## What needs to be done
Please retype the entries exactly as they stand, leaving out any pictures.

START Given entries

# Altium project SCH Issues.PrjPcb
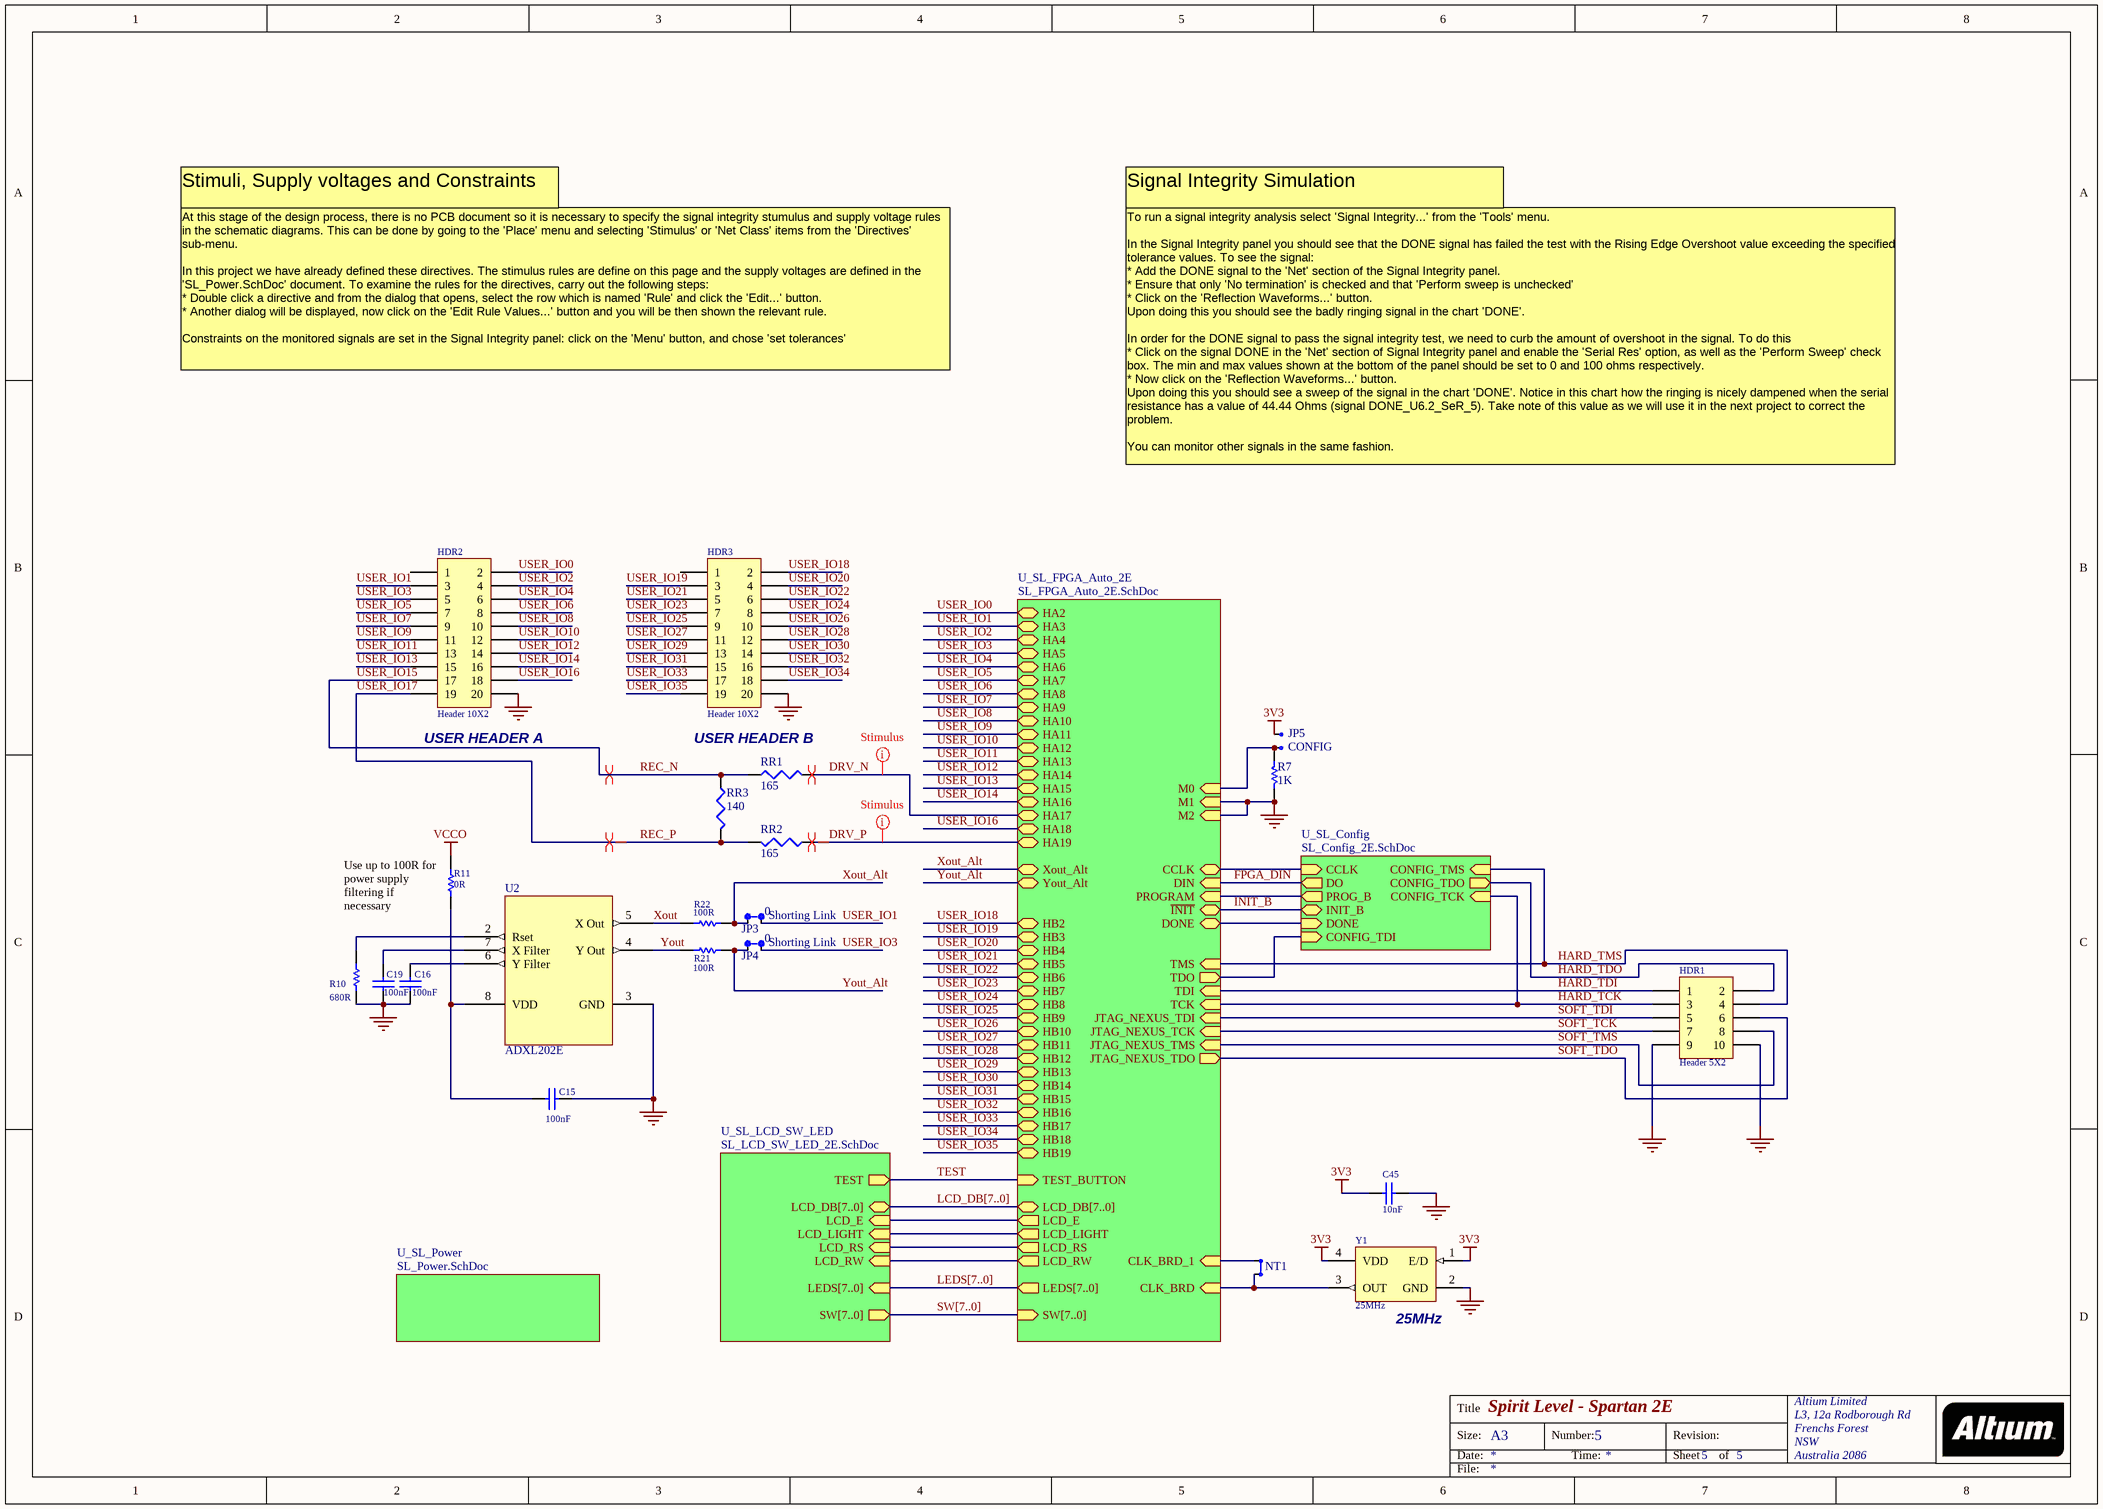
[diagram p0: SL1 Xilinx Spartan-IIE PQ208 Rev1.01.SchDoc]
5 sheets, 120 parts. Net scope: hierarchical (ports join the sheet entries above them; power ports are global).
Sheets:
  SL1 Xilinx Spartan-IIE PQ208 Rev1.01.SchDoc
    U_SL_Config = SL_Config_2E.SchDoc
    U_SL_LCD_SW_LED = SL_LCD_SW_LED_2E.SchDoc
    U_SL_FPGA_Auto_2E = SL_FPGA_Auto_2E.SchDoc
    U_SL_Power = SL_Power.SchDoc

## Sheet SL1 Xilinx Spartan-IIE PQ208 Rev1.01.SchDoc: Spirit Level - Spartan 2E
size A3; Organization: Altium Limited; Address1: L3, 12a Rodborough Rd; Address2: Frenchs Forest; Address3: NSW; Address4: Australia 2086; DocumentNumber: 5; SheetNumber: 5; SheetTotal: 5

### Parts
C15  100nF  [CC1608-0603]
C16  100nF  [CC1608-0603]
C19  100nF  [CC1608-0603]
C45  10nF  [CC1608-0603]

END Given entries

## Result for this exercise
# Altium project SCH Issues.PrjPcb
[diagram p0: SL1 Xilinx Spartan-IIE PQ208 Rev1.01.SchDoc]
5 sheets, 120 parts. Net scope: hierarchical (ports join the sheet entries above them; power ports are global).
Sheets:
  SL1 Xilinx Spartan-IIE PQ208 Rev1.01.SchDoc
    U_SL_Config = SL_Config_2E.SchDoc
    U_SL_LCD_SW_LED = SL_LCD_SW_LED_2E.SchDoc
    U_SL_FPGA_Auto_2E = SL_FPGA_Auto_2E.SchDoc
    U_SL_Power = SL_Power.SchDoc

## Sheet SL1 Xilinx Spartan-IIE PQ208 Rev1.01.SchDoc: Spirit Level - Spartan 2E
size A3; Organization: Altium Limited; Address1: L3, 12a Rodborough Rd; Address2: Frenchs Forest; Address3: NSW; Address4: Australia 2086; DocumentNumber: 5; SheetNumber: 5; SheetTotal: 5

### Parts
C15  100nF  [CC1608-0603]
C16  100nF  [CC1608-0603]
C19  100nF  [CC1608-0603]
C45  10nF  [CC1608-0603]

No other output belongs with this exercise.